Demand is robust, thanks to a recovering global economy, led by a resurgent US economy. Global gross domestic product growth, measured year to year, is forecast to jump to 2.8% in the third quarter and 3% in the fourth quarter vs. only 1% in the second quarter, according to J.P. Morgan Securities Inc., New York. Leading this growth are the US and the emerging Asia economies, the J.P. Morgan analysts say.

The economic rebound is fueling an uptick in oil demand, on top of the added increment spurred by an urgent need to replenish inventories not only of crude oil but also gasoline and heating oil.

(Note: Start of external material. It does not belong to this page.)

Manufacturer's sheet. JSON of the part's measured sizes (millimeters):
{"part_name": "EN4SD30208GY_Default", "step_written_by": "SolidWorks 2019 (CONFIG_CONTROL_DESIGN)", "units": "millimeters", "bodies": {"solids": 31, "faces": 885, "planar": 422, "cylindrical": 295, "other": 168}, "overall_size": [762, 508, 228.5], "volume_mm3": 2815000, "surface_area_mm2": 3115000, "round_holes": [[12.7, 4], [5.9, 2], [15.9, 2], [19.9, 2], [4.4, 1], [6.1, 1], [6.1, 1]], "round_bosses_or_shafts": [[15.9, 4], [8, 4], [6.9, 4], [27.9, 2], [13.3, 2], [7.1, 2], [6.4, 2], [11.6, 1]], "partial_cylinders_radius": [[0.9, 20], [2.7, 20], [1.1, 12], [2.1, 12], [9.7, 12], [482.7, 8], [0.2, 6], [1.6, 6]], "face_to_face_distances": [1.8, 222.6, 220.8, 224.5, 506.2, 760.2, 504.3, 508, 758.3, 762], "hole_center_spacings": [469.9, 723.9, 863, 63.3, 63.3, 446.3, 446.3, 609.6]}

According to the US Energy Information Administration, for the week ended Aug. 15, crude stocks were 31.4 million bbl below average, gasoline stocks were 8.3 million bbl below average, and distillate stocks were 9.1 million bbl below average. The push to rebuild product stocks was blunted with the massive power blackout in the US and Canada that knocked a string of refineries offline, as well as a major products pipeline outage in Arizona. Meanwhile, overall products demand in the US that week was up 1.3%. And more of that products demand is being met by increasing US imports.

Tightening market

The surge of imports has done little to bolster crude oil inventories, though. For the week ended Aug. 15, crude stocks in the US rose only 4 million bbl. As US refiners step up the pace to rebuild gasoline and heating oil stocks, crude imports are pouring into the country at a blistering pace. That pace, nearly 10 million b/d, will have to be maintained consistently through the end of the third quarter in order to build inventories to comfortable levels, says Aaron Brady, senior analyst at Energy Security Analysis Inc., Wakefield, Mass.

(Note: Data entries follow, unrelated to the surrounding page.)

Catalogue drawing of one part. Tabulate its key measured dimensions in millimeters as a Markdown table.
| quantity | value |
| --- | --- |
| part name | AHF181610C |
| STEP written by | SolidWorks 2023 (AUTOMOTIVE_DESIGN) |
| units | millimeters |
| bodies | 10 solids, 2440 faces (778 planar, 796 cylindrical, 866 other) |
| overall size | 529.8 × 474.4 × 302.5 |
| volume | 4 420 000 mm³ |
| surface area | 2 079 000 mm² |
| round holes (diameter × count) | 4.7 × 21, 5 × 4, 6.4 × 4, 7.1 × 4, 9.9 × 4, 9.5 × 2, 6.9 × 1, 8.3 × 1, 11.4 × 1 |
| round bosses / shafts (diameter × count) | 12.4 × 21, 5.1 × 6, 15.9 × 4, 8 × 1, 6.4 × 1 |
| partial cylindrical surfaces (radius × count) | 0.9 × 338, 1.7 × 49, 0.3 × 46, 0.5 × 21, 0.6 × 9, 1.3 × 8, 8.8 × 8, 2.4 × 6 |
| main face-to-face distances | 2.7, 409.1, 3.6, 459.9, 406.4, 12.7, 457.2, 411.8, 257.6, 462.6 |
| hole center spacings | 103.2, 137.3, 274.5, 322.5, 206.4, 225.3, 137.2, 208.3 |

Achieving that pace will be exceedingly difficult. The decision by the Organization of Petroleum Exporting Countries in July to maintain the status quo on production quotas, out of concern for a strong ramp-up in Iraqi oil supplies, left the market in a fragile position. Now that it has become increasingly clear that Iraqi oil exports are being hobbled by sabotage to export pipelines and power facilities, even an OPEC decision at its next meeting in September to boost production won't come soon enough to avoid the market from being short in the third quarter. Making the proposition even dicier is uncertainty over Venezuelan and Nigerian supplies because of civil unrest in those countries.

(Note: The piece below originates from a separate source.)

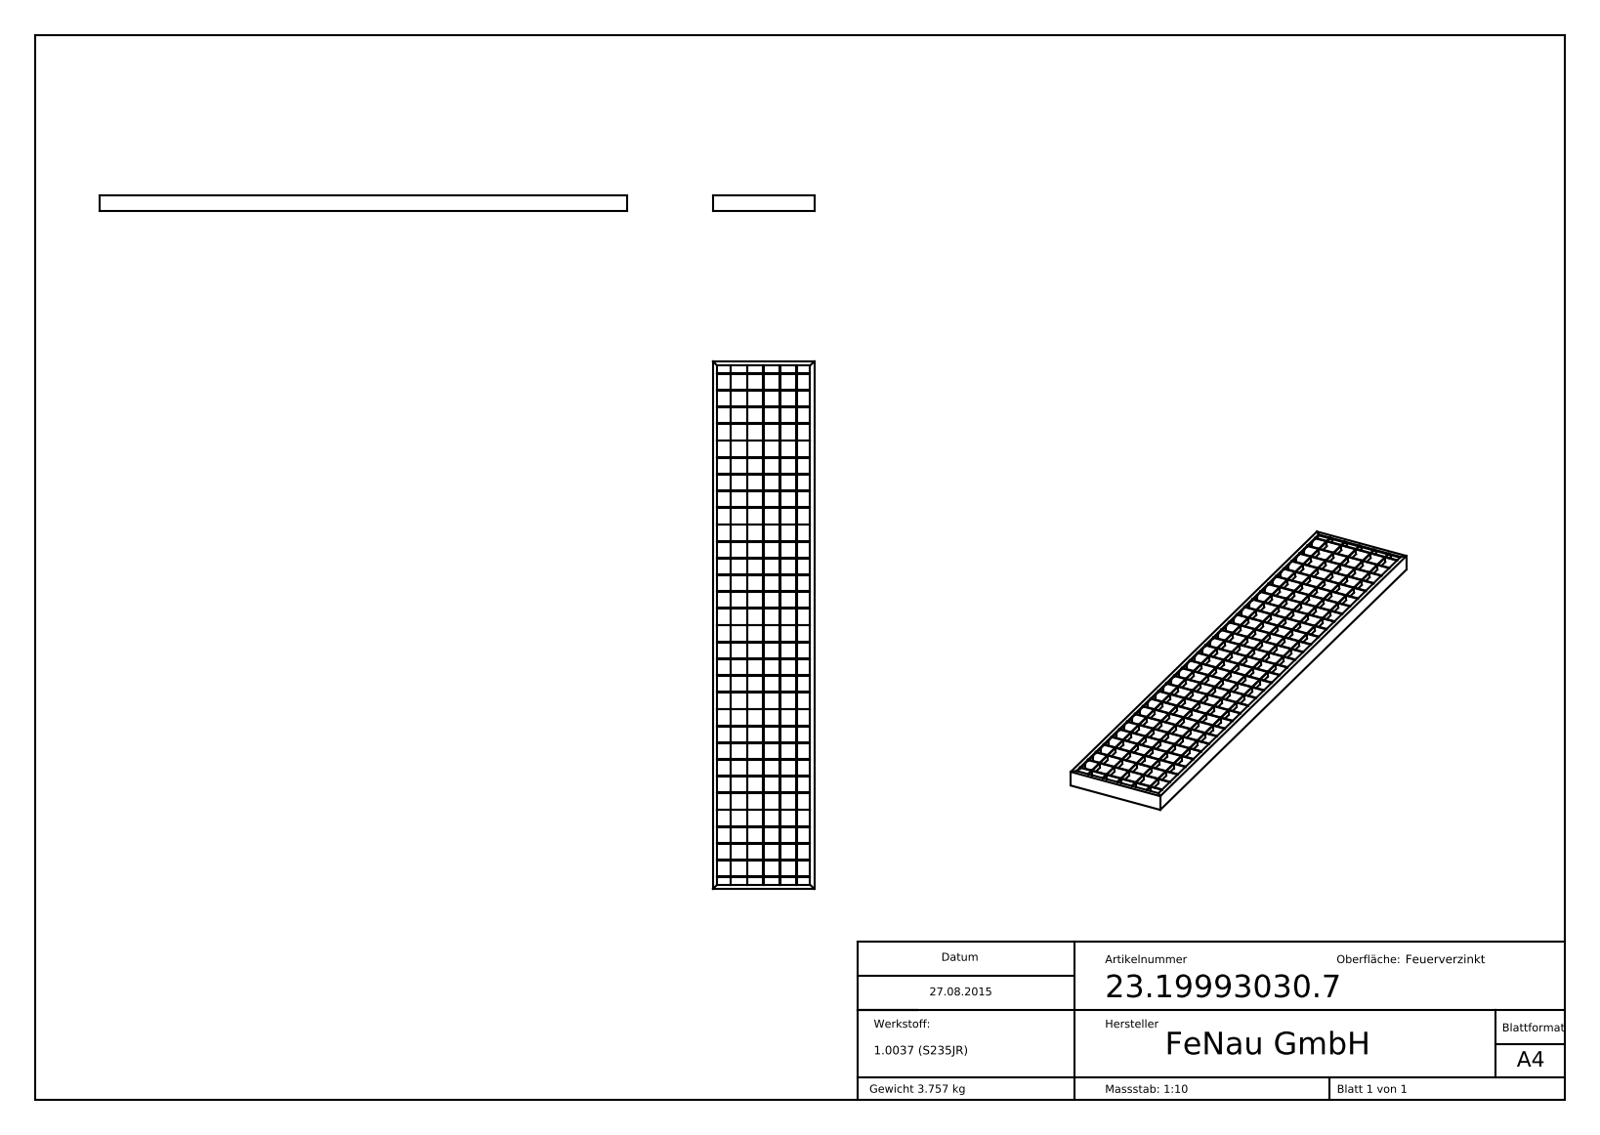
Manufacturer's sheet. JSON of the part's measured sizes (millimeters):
{"part_name": "23-19993030-7", "step_written_by": "SolidWorks 2015 (CONFIG_CONTROL_DESIGN)", "units": "millimeters", "bodies": {"solids": 1, "faces": 896, "planar": 896, "cylindrical": 0, "other": 0}, "overall_size": [990, 190, 30], "volume_mm3": 481685, "surface_area_mm2": 635409, "face_to_face_distances": [63, 31.5, 94.5, 157.5, 31, 126, 62, 189, 30, 220.5]}

Only Saudi Arabia has sufficient spare capacity to take up some of the slack from the Iraqi supplies that have not materialized. And yet the kingdom thus has shown no interest in taking that step. It will probably take a significant further outage, such as in Venezuela or Nigeria, before the Saudis and the rest of OPEC decide to boost output—and then only to deter the release of strategic oil supplies by consuming governments.

Little relief in sight

Even if OPEC were to hike output at its next meeting, that isn't likely to relieve the tight markets in the US.

"More oil coming onto the market now would probably do little to improve the US crude oil stock position in the short term, since crude oil imports are running close to the capacity of import infrastructure," said Centre for Global Energy Studies in its Aug. 18 monthly oil report.

And the London think tank warns that markets may face further upward pressure from Asia-Pacific refiners that are likely to start their seasonal increase in runs ahead of the coming winter.

"The competition for crude oil from Asian refiners could become particularly strong if they believe that the market is likely to tighten as colder weather approaches and begin to build up stocks ahead of the heating season." CGES said.

So unless the Saudis have a change of heart ahead of the OPEC meeting in late September or the Iraqi security situation dramatically improves soon, the oil market may have to contend with $30/bbl (New York next-month futures) oil prices for the duration.

And if there is any worsening of the supply picture in Iraq, Venezuela, or Nigeria, that duration could extend to second quarter 2004.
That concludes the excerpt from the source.